“`html
Dışişleri Bakanı Hakan Fidan, 61. Münih Güvenlik Konferansı’nda Suriye’nin geleceği hakkında yaptığı açıklamalarla dikkat çekti. Fidan, Suriye’nin on yıldan fazla bir süredir bölgede istikrarsızlık yarattığını dile getirirken, mevcut durumda Suriye’nin sorunlarını çözmek için bir fırsat bulunduğunu vurguladı. Bununla birlikte, birçok ülkenin, komşu ülkeler için tehdit oluşturulmasını istemediği, terörizmin yayılmasını engellemek için çaba gösterdiği ve Suriye’nin toprak bütünlüğünü koruma amacı güttüğü konusunda mutabık kaldığına da dikkat çekti.
Fidan’ın konferansta yaptığı açıklamalardan öne çıkan noktalar ise şu şekilde sıralandı:
“Silahlı milislere müsamaha gösteremeyiz.”
Fidan, Suriye’deki başlıca sorunlardan birinin silahlı grupların nasıl bir araya geleceği olduğuna dikkat çekti. Yeni yönetimin bu konuyu kapsamlı biçimde ele aldığını ve silahlı grupların birleştirilmesi konusunda adımlar attığını belirtti. Türkiye’nin görüşüne göre, ülkede yalnızca tek bir yasal silahlı güç olması gerektiği düşünüldüğünü ifade etti. “Her ne biçimde olursa olsun, silahlı milislere müsamaha gösteremeyiz; çünkü bu deneyimler bölgeye sadece kaos ve istikrarsızlık getirmiştir,” diyen Fidan, halkın düzenini, güvenliğini sağlamak adına milisleri tek bir ulusal ordu altında toplamanın önemine de vurgu yaptı.
Suriye’ye ilişkin Türkiye’nin öncelikli hedeflerinden birinin, bu ülkenin yeniden yapılanmasına nasıl katkıda bulunacakları, ekonomiyi nasıl canlandıracakları ve devlet kurumlarını nasıl yeniden inşa edecekleri olduğunu ifade etti. Fidan, bu konuların uluslararası ve bölgesel toplumla birlikte yapılacak çalışmalar için önemli olduğunu belirtti.

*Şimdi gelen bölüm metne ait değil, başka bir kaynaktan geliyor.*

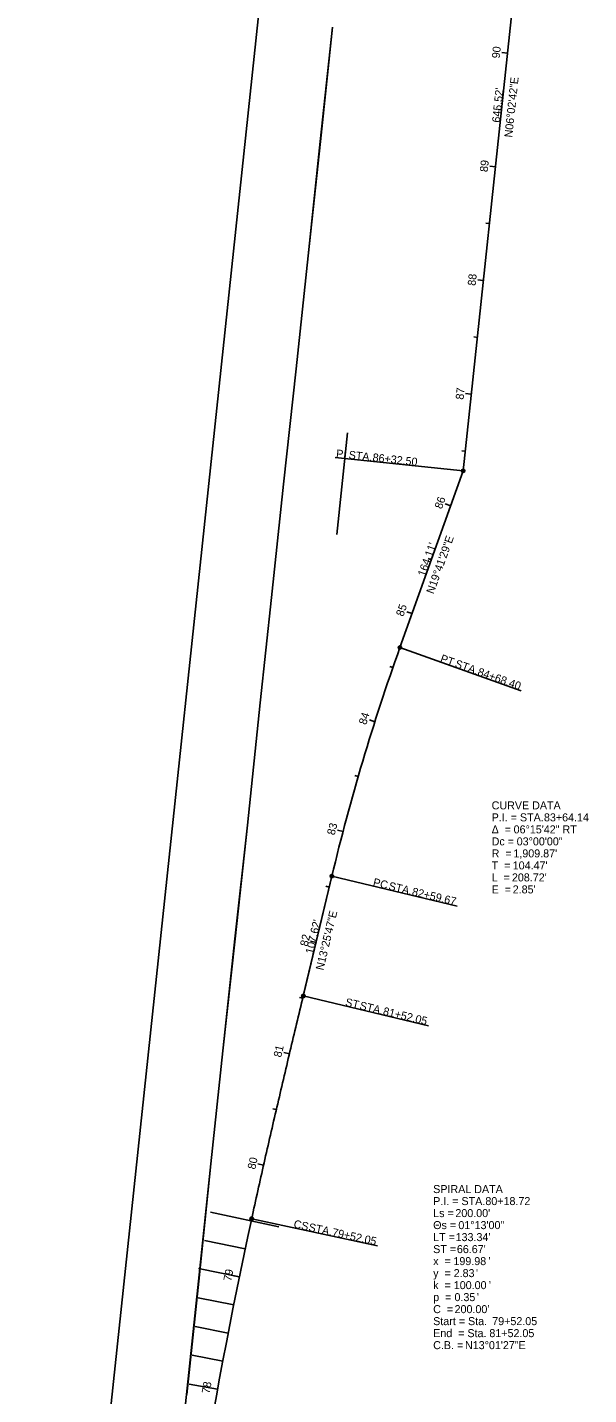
# Model space of a CAD drawing. Extents: x 172104 to 172774, y 250510 to 260293.
# Drawn here: x 172173 to 172663, y 254719 to 255915 of the extents above; entities that cross this region are included whole.
import ezdxf

# ---------------------------------------------------------------- set-up
doc = ezdxf.new("R2010")
doc.units = 0
for name, color, linetype in [('DT_P_Break_Line', 7, 'Continuous'), ('DT_P_Contour_Major', 7, 'Continuous'), ('DT_P_Contour_Minor', 7, 'Continuous'), ('DT_P_Spot_Elevations', 7, 'Continuous'), ('DT_P_Terrain_Boundary', 7, 'Continuous'), ('DT_P_Triangles', 7, 'Continuous'), ('DT_P_Void', 7, 'Continuous'), ('DT_X_Spot_Elev', 7, 'Continuous'), ('MD_P_Surface_Ditch', 7, 'Continuous')]:
    doc.layers.add(name, color=color, linetype=linetype)

msp = doc.modelspace()

# ---------------------------------------------------------------- linework, layer by layer
at = {"layer": 'DT_P_Contour_Minor'}
for p, q in [((172553.7, 255526.8), (172621.7, 256168.7)), ((172498.4, 255372.3), (172553.7, 255526.8)), ((172414, 255067.6), (172438.9, 255172.3))]:
    msp.add_line(p, q, dxfattribs=at)
for centre, radius, start, end in [((174296.6, 254728.7), 1909.9, 160.3087, 166.5704), ((176971.6, 253876.6), 4709.3, 167.7871, 173.9419)]:
    msp.add_arc(centre, radius, start, end, dxfattribs=at)
msp.add_open_spline([(172368.9, 254872.8), (172372.4, 254889.1), (172379.6, 254921.6), (172390.9, 254970.3), (172402.3, 255019), (172410.1, 255051.4), (172414, 255067.6)], degree=3, dxfattribs=at)
at = {"layer": 'DT_P_Spot_Elevations'}
for p, q in [((172553.7, 255526.8), (172441.8, 255538.6)), ((172498.4, 255372.3), (172604.3, 255334.4)), ((172438.9, 255172.3), (172548.4, 255146.2)), ((172414, 255067.6), (172523.4, 255041.5)), ((172368.9, 254872.8), (172478.8, 254849))]:
    msp.add_line(p, q, dxfattribs=at)
for centre in [(172553.7, 255526.8), (172498.4, 255372.3), (172438.9, 255172.3), (172414, 255067.6), (172368.9, 254872.8)]:
    msp.add_circle(centre, 1.5, dxfattribs=at)
at = {"layer": 'DT_P_Terrain_Boundary'}
msp.add_line((172172.9, 254022), (172391.8, 256084.9), dxfattribs=at)
msp.add_line((172172.9, 254022), (172391.8, 256084.9), dxfattribs=at)
at = {"layer": 'DT_P_Triangles'}
for p, q in [((172428.8, 255814.8), (172439.5, 255914.8)), ((172428.9, 255814.8), (172439.5, 255914.8)), ((172418.2, 255714.9), (172428.8, 255814.8)), ((172418.2, 255714.9), (172428.9, 255814.8)), ((172407.7, 255616.2), (172418.2, 255714.9)), ((172407.7, 255616.2), (172418.2, 255714.9)), ((172396.8, 255515.3), (172407.7, 255616.2)), ((172396.8, 255515.3), (172407.7, 255616.2)), ((172443.3, 255471.1), (172452.7, 255560.1)), ((172498.4, 255372.3), (172553.7, 255526.8)), ((172386.2, 255416.1), (172396.8, 255515.3)), ((172386.2, 255416.1), (172396.8, 255515.3)), ((172376.2, 255323.9), (172386.2, 255416.1)), ((172376.3, 255323.9), (172386.2, 255416.1)), ((172365.1, 255216.9), (172376.2, 255323.9)), ((172365.1, 255216.9), (172376.3, 255323.9)), ((172354.3, 255117.6), (172365.1, 255216.9)), ((172354.4, 255117.5), (172365.1, 255216.9)), ((172407.2, 255039.2), (172438.9, 255172.3)), ((172343.8, 255019.5), (172354.3, 255117.6)), ((172343.8, 255019.5), (172354.4, 255117.5)), ((172333.1, 254920.8), (172343.8, 255019.5)), ((172333.2, 254920.8), (172343.8, 255019.5)), ((172322.5, 254818.3), (172333.1, 254920.8)), ((172322.6, 254818.3), (172333.2, 254920.8)), ((172312, 254718.9), (172322.5, 254818.3)), ((172312.1, 254718.9), (172322.6, 254818.3)), ((172301.3, 254618.7), (172312, 254718.9))]:
    msp.add_line(p, q, dxfattribs=at)
for centre, radius, start, end in [((174296.6, 254728.7), 1909.9, 160.3087, 166.5704), ((176971.6, 253876.6), 4709.3, 167.7871, 173.9419)]:
    msp.add_arc(centre, radius, start, end, dxfattribs=at)
msp.add_open_spline([(172368.9, 254872.8), (172372.4, 254889.1), (172379.6, 254921.6), (172390.9, 254970.3), (172402.3, 255019), (172410.1, 255051.4), (172414, 255067.6)], degree=3, dxfattribs=at)
at = {"layer": 'DT_P_Void'}
for p, q in [((172592.4, 255892.2), (172587.4, 255892.8)), ((172587.1, 255842.5), (172584.2, 255842.8)), ((172581.9, 255792.8), (172576.9, 255793.3)), ((172576.6, 255743.1), (172573.6, 255743.4)), ((172571.3, 255693.4), (172566.4, 255693.9)), ((172566.1, 255643.6), (172563.1, 255644)), ((172560.8, 255593.9), (172555.8, 255594.4)), ((172555.5, 255544.2), (172552.6, 255544.5)), ((172542.8, 255496.2), (172538, 255497.9)), ((172525.9, 255449.1), (172523.1, 255450.1)), ((172509.1, 255402), (172504.4, 255403.7)), ((172492.3, 255354.9), (172489.5, 255355.9)), ((172476.5, 255307.5), (172471.8, 255309)), ((172462, 255259.6), (172459.1, 255260.5)), ((172448.7, 255211.4), (172443.9, 255212.7)), ((172436.7, 255162.9), (172433.8, 255163.6)), ((172425.1, 255114.3), (172420.2, 255115.4)), ((172413.5, 255065.6), (172410.6, 255066.3)), ((172401.9, 255017), (172397, 255018.2)), ((172390.4, 254968.3), (172387.5, 254969)), ((172379.2, 254919.6), (172374.4, 254920.7)), ((172368.4, 254870.8), (172365.5, 254871.4)), ((172358.2, 254821.9), (172353.3, 254822.9)), ((172348.4, 254772.8), (172345.4, 254773.4)), ((172339.1, 254723.7), (172334.2, 254724.6))]:
    msp.add_line(p, q, dxfattribs=at)
at = {"layer": 'MD_P_Surface_Ditch'}
for p, q in [((172332.8, 254878.5), (172392.5, 254865.6)), ((172327.6, 254853.8), (172363.2, 254846.3)), ((172322.5, 254829.2), (172358.2, 254821.9)), ((172322.2, 254803.5), (172353.2, 254797.4)), ((172319.5, 254778.4), (172348.4, 254772.8)), ((172316.8, 254753.3), (172343.7, 254748.3)), ((172314.2, 254728.2), (172339.1, 254723.7))]:
    msp.add_line(p, q, dxfattribs=at)

# ---------------------------------------------------------------- texts
at = {"layer": 'DT_P_Break_Line'}
for s, rotation, p in [("645.52'", 83.955, (172585.8, 255831.2)), ("164.11'", 70.3087, (172520.3, 255433.9)), ("107.62'", 76.5704, (172422.5, 255103.8))]:
    msp.add_text(s, height=7, rotation=rotation, dxfattribs=at).set_placement(p)
at = {"layer": 'DT_P_Contour_Major'}
for s, rotation, p in [('N06°02\'42"E', 83.955, (172596.6, 255818.2)), ('N19°41\'29"E', 70.3087, (172527.8, 255418.7)), ('N13°25\'47"E', 76.5704, (172431.5, 255089.6))]:
    msp.add_text(s, height=7, rotation=rotation, dxfattribs=at).set_placement(p)
at = {"layer": 'DT_P_Spot_Elevations'}
for s, rotation, p in [('PI', 353.955, (172442.4, 255538.7)), (' STA. ', 353.955, (172450.8, 255537.8)), ('86+32.50', 353.955, (172474.3, 255535.3)), ('PT', 340.3087, (172533.1, 255360)), (' STA. ', 340.3087, (172543.5, 255356.3)), ('84+68.40', 340.3087, (172565.7, 255348.3)), ('PC', 346.5704, (172474.4, 255164)), (' STA. ', 346.5704, (172485.5, 255161.3)), ('82+59.67', 346.5704, (172508.5, 255155.8)), ('ST', 346.5704, (172450.2, 255059.1)), (' STA. ', 346.5704, (172460.2, 255056.7)), ('81+52.05', 346.5704, (172483.2, 255051.2)), ('CS', 347.7871, (172405.1, 254865.1)), (' STA. ', 347.7871, (172415.6, 254862.8)), ('79+52.05', 347.7871, (172438.7, 254857.8))]:
    msp.add_text(s, height=7, rotation=rotation, dxfattribs=at).set_placement(p)
at = {"layer": 'DT_P_Void'}
for s, rotation, p in [('90', 83.955, (172585.6, 255887.4)), ('89', 83.955, (172575.1, 255788)), ('88', 83.955, (172564.5, 255688.5)), ('87', 83.955, (172554, 255588.9)), ('86', 70.3087, (172535, 255493)), ('85', 70.3087, (172501.3, 255399)), ('84', 72.3606, (172468.9, 255304.3)), ('83', 75.3606, (172441.3, 255207.8)), ('82', 76.5704, (172417.8, 255110.5)), ('81', 76.6528, (172394.6, 255013.5)), ('80', 77.2736, (172371.9, 254915.5)), ('79', 78.4204, (172350.9, 254817.7)), ('78', 79.637, (172332, 254719.4))]:
    msp.add_text(s, height=7, rotation=rotation, dxfattribs=at).set_placement(p)
at = {"layer": 'DT_X_Spot_Elev'}
for s, p in [('CURVE DATA', (172578.6, 255230.8)), ('P.I. = STA. ', (172578.6, 255220.3)), ('83+64.14', (172624.3, 255220.3)), ('Δ  = ', (172578.6, 255209.8)), ('06°15\'42" RT', (172597.8, 255209.8)), ('Dc = ', (172578.6, 255199.3)), ('03°00\'00"', (172600.5, 255199.3)), ('R  = ', (172578.6, 255188.8)), ("1,909.87'", (172597.6, 255188.8)), ('T  = ', (172578.6, 255178.3)), ('L  = ', (172578.6, 255167.8)), ("208.72'", (172596.3, 255167.8)), ("104.47'", (172597, 255178.3)), ('E  = ', (172578.6, 255157.3)), ("2.85'", (172597, 255157.3))]:
    msp.add_text(s, height=7, dxfattribs=at).set_placement(p)
for s, p in [('SPIRAL DATA', (172527.5, 254895.2)), ('P.I. = STA. ', (172527.5, 254884.7)), ('80+18.72', (172573.1, 254884.7)), ('Ls = ', (172527.5, 254874.2)), ("200.00'", (172546.9, 254874.2)), ('Θs = ', (172527.5, 254863.7)), ('01°13\'00"', (172549.5, 254863.7)), ('LT = ', (172527.5, 254853.2)), ("133.34'", (172547.1, 254853.2)), ('ST = ', (172527.5, 254842.7)), ("66.67'", (172548.2, 254842.7)), ('x  = ', (172527.5, 254832.2)), ('2.83', (172545.4, 254821.7)), ('199.98', (172545.2, 254832.2)), ("'", (172564.9, 254821.7)), ("'", (172575.9, 254832.2)), ('y  = ', (172527.5, 254821.7)), ('k  = ', (172527.5, 254811.2)), ('100.00', (172545.5, 254811.2)), ("'", (172576.2, 254811.2)), ('p  = ', (172527.5, 254800.7)), ('0.35', (172546.1, 254800.7)), ("'", (172565.7, 254800.7)), ('C  = ', (172527.5, 254790.2)), ("200.00'", (172546.2, 254790.2)), ('Start = Sta. ', (172527.5, 254779.7)), ('79+52.05', (172579.1, 254779.7)), ('End  = Sta. ', (172527.5, 254769.2)), ('81+52.05', (172576.6, 254769.2)), ('C.B. = ', (172527.5, 254758.7)), ('N13°01\'27"E', (172555.3, 254758.7))]:
    msp.add_text(s, height=7, rotation=360, dxfattribs=at).set_placement(p)

doc.saveas('drawing.dxf')

“Bu insanların ülkenin üçte birini işgal etmesine izin veremezsiniz.”
Güvenlik açısından Türkiye için önemli bir konuya değinen Fidan, Şam yönetiminden PKK/YPG’den kurtulmalarına yardımcı olmalarını beklediğini ifade etti. PKK/YPG’nin Suriye ve bölge için büyük bir tehdit oluşturduğunu söyleyen Fidan, Türkiye, Irak ve İran’dan gelen uluslararası terörist savaşçıların şu anda Suriye’nin kuzeyinde toplandıklarını ve IŞİD’e karşı savaş bahanesiyle kendilerini gizlediklerini belirtti. Gerçek anlamda bir IŞİD mücadelesinin olmadığını, bu durumun sadece hapishane hizmeti sunduğunu dile getiren Fidan, “IŞİD mahkumlarına hapishane sunacak başka bir yerimiz var. Burası ise hapishane olarak seçilmiştir,” dedi. Fidan ayrıca, bu insanların Suriye’nin üçte birini işgal etmesine, petrol ve doğal gaz sahalarının üzerinde oturmasına ve ülkeyi soymasına izin verilmemesi gerektiğini vurguladı. Bu durumun sadece Türkiye için değil, bölge için de büyük bir sorun oluşturduğuna işaret etti.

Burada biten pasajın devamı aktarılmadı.